I still don't fully understand what a VC has to gain by eliminating the
founders?

So as long as the board is owned by non-founders, a sale can be forced even
though the founders disagree and want to continue operating ... even if the
sale will leave the founders with nothing? ... that seems so diabolical!

------
phamilton
One of the big things I know about is the being "in love with the technology".
Founders get replaced in their own companies because they focus on improving
the technology, rather than revenue. There is a balance, but part of the
reason VCs and investors get shares is because their financial interests
should be represented in the company.

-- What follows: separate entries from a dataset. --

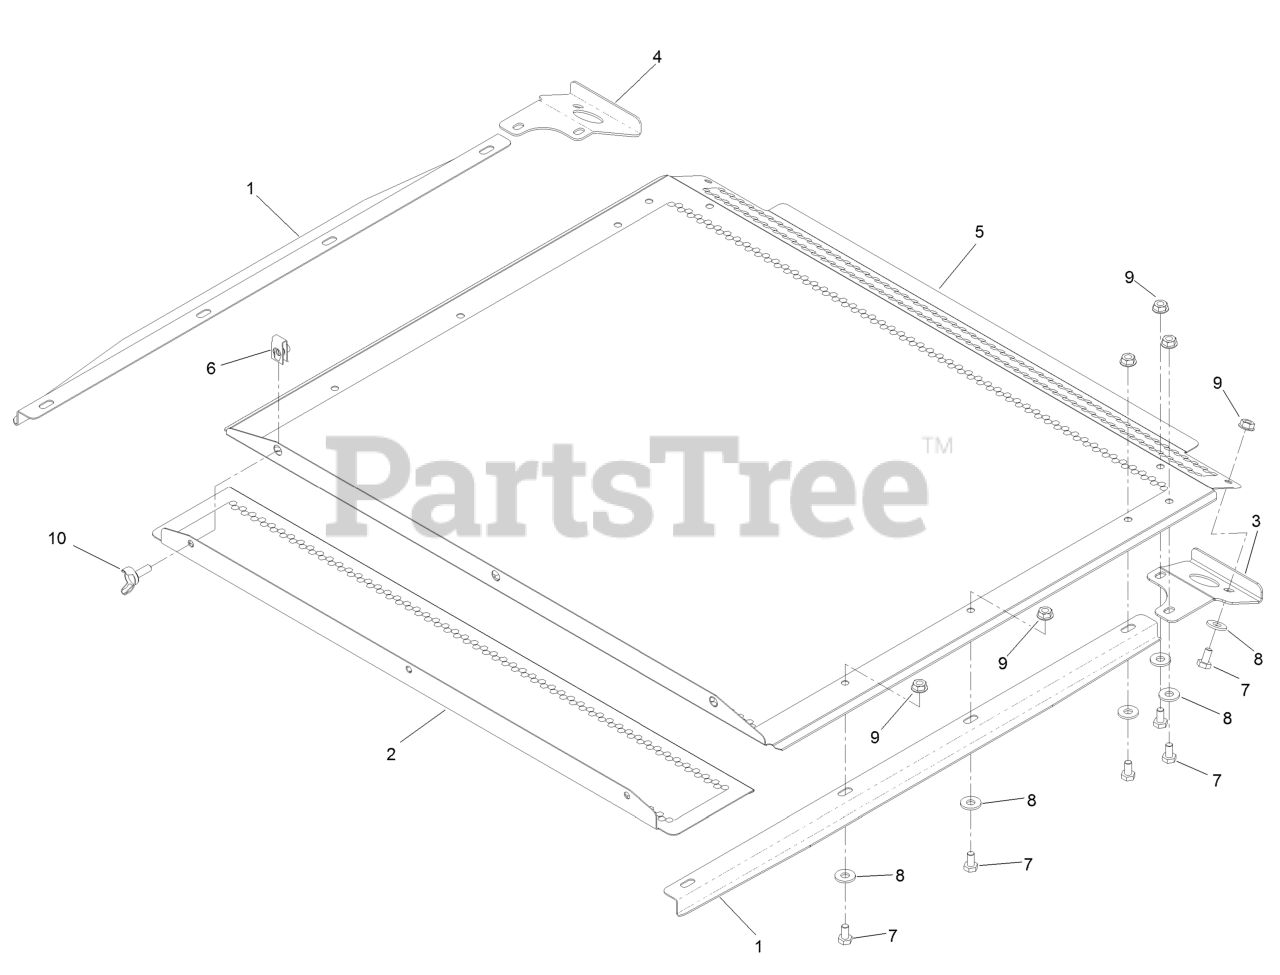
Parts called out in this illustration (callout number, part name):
1	GUIDE-SCREEN
2	PANEL-SCREEN, REMOVABLE
3	HANDLE-SCREEN, LH
4	HANDLE-SCREEN, RH
5	PANEL-SCREEN, HOPPER
7	SCREW-HH
8	WASHER-FLAT
10	SCREW-WING
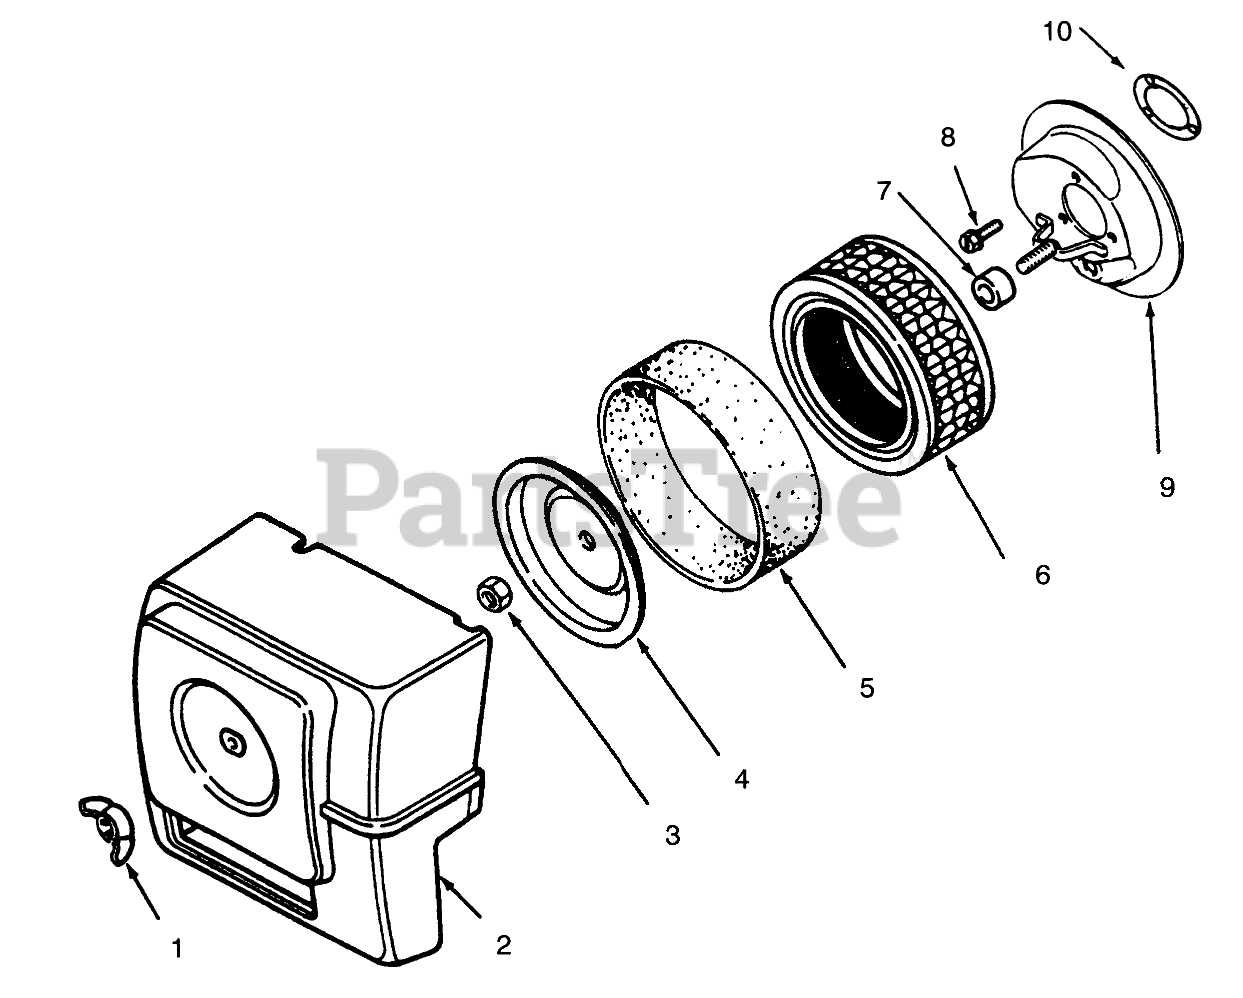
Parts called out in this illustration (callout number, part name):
1	Nut-Wing
2	Cover
4	Air Cleaner Element Cover
5	Element-Precleaner
6	Element
8	Screw
9	Base-AirCleaner
10	Gasket

If as a founder you aren't representing
their financial interests, then of course they will replace you.

There are big dramatic forced resignations, but often there are simple
restructures. A founder will be removed as CEO, but stay on as a VP of
development, for example. His ownership stays intact, but the executive
leadership will be more aligned with the interests of the investors.

------
webstartupper
>>Also, how do cases like Steve Jobs and Harry Osborn occur where they are
removed from their own company?

Check out the movie 'Pirates of Silicon Valley' - its about Apple and
Microsoft and shows how Steve Jobs got fired.

------
henryci
0) Desperate 3-man startup needs capital to survival. (gone 4 years w/o
salary)

1) After pitching only thing they get is an offer with 'participation'. This
means a preset amount is guaranteed back to the investors in an exit event if
the % gain doesn't match a specific minimum. I.e. Investors are guaranteed
1,000,000 if their equity doesn't exceed that value.

2) A partner sees the company is weak, knows the founders are rockstars and
rolls them up for 1.2 million.

3) Founders get jobs at company X and 200,000 split among 3 of them before
taxes.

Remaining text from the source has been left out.